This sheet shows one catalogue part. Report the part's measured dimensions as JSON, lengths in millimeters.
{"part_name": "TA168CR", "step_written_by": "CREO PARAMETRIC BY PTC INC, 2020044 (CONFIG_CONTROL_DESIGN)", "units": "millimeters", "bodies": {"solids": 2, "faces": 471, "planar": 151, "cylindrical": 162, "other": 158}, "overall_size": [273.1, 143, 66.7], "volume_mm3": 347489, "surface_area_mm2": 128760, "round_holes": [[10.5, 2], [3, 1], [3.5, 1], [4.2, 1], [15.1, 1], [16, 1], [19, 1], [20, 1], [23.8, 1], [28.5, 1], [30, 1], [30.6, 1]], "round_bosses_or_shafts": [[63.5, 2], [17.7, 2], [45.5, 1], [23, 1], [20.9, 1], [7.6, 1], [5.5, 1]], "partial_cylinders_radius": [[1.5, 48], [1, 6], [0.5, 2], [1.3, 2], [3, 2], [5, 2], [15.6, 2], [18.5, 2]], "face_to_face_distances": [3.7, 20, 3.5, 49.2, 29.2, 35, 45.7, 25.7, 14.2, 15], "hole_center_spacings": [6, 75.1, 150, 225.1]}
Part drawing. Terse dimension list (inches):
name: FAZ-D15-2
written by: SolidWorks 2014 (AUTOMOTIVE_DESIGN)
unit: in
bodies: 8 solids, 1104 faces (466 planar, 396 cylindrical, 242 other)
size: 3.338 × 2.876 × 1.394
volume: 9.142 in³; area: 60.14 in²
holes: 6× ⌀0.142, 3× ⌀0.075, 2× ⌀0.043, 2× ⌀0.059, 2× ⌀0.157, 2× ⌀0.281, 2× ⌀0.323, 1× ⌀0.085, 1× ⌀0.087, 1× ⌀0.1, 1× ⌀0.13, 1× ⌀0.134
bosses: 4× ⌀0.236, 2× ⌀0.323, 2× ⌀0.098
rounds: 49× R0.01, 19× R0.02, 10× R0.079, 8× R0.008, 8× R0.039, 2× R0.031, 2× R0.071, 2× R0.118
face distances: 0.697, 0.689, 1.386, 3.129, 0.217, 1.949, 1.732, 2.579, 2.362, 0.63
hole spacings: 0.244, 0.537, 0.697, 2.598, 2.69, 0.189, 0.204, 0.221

**Problem statement**
Every record, from top to bottom, must be transcribed exactly.

**Solution for this exercise**
This sheet shows one catalogue part. Report the part's measured dimensions as JSON, lengths in millimeters.
{"part_name": "TA168CR", "step_written_by": "CREO PARAMETRIC BY PTC INC, 2020044 (CONFIG_CONTROL_DESIGN)", "units": "millimeters", "bodies": {"solids": 2, "faces": 471, "planar": 151, "cylindrical": 162, "other": 158}, "overall_size": [273.1, 143, 66.7], "volume_mm3": 347489, "surface_area_mm2": 128760, "round_holes": [[10.5, 2], [3, 1], [3.5, 1], [4.2, 1], [15.1, 1], [16, 1], [19, 1], [20, 1], [23.8, 1], [28.5, 1], [30, 1], [30.6, 1]], "round_bosses_or_shafts": [[63.5, 2], [17.7, 2], [45.5, 1], [23, 1], [20.9, 1], [7.6, 1], [5.5, 1]], "partial_cylinders_radius": [[1.5, 48], [1, 6], [0.5, 2], [1.3, 2], [3, 2], [5, 2], [15.6, 2], [18.5, 2]], "face_to_face_distances": [3.7, 20, 3.5, 49.2, 29.2, 35, 45.7, 25.7, 14.2, 15], "hole_center_spacings": [6, 75.1, 150, 225.1]}
Part drawing. Terse dimension list (inches):
name: FAZ-D15-2
written by: SolidWorks 2014 (AUTOMOTIVE_DESIGN)
unit: in
bodies: 8 solids, 1104 faces (466 planar, 396 cylindrical, 242 other)
size: 3.338 × 2.876 × 1.394
volume: 9.142 in³; area: 60.14 in²
holes: 6× ⌀0.142, 3× ⌀0.075, 2× ⌀0.043, 2× ⌀0.059, 2× ⌀0.157, 2× ⌀0.281, 2× ⌀0.323, 1× ⌀0.085, 1× ⌀0.087, 1× ⌀0.1, 1× ⌀0.13, 1× ⌀0.134
bosses: 4× ⌀0.236, 2× ⌀0.323, 2× ⌀0.098
rounds: 49× R0.01, 19× R0.02, 10× R0.079, 8× R0.008, 8× R0.039, 2× R0.031, 2× R0.071, 2× R0.118
face distances: 0.697, 0.689, 1.386, 3.129, 0.217, 1.949, 1.732, 2.579, 2.362, 0.63
hole spacings: 0.244, 0.537, 0.697, 2.598, 2.69, 0.189, 0.204, 0.221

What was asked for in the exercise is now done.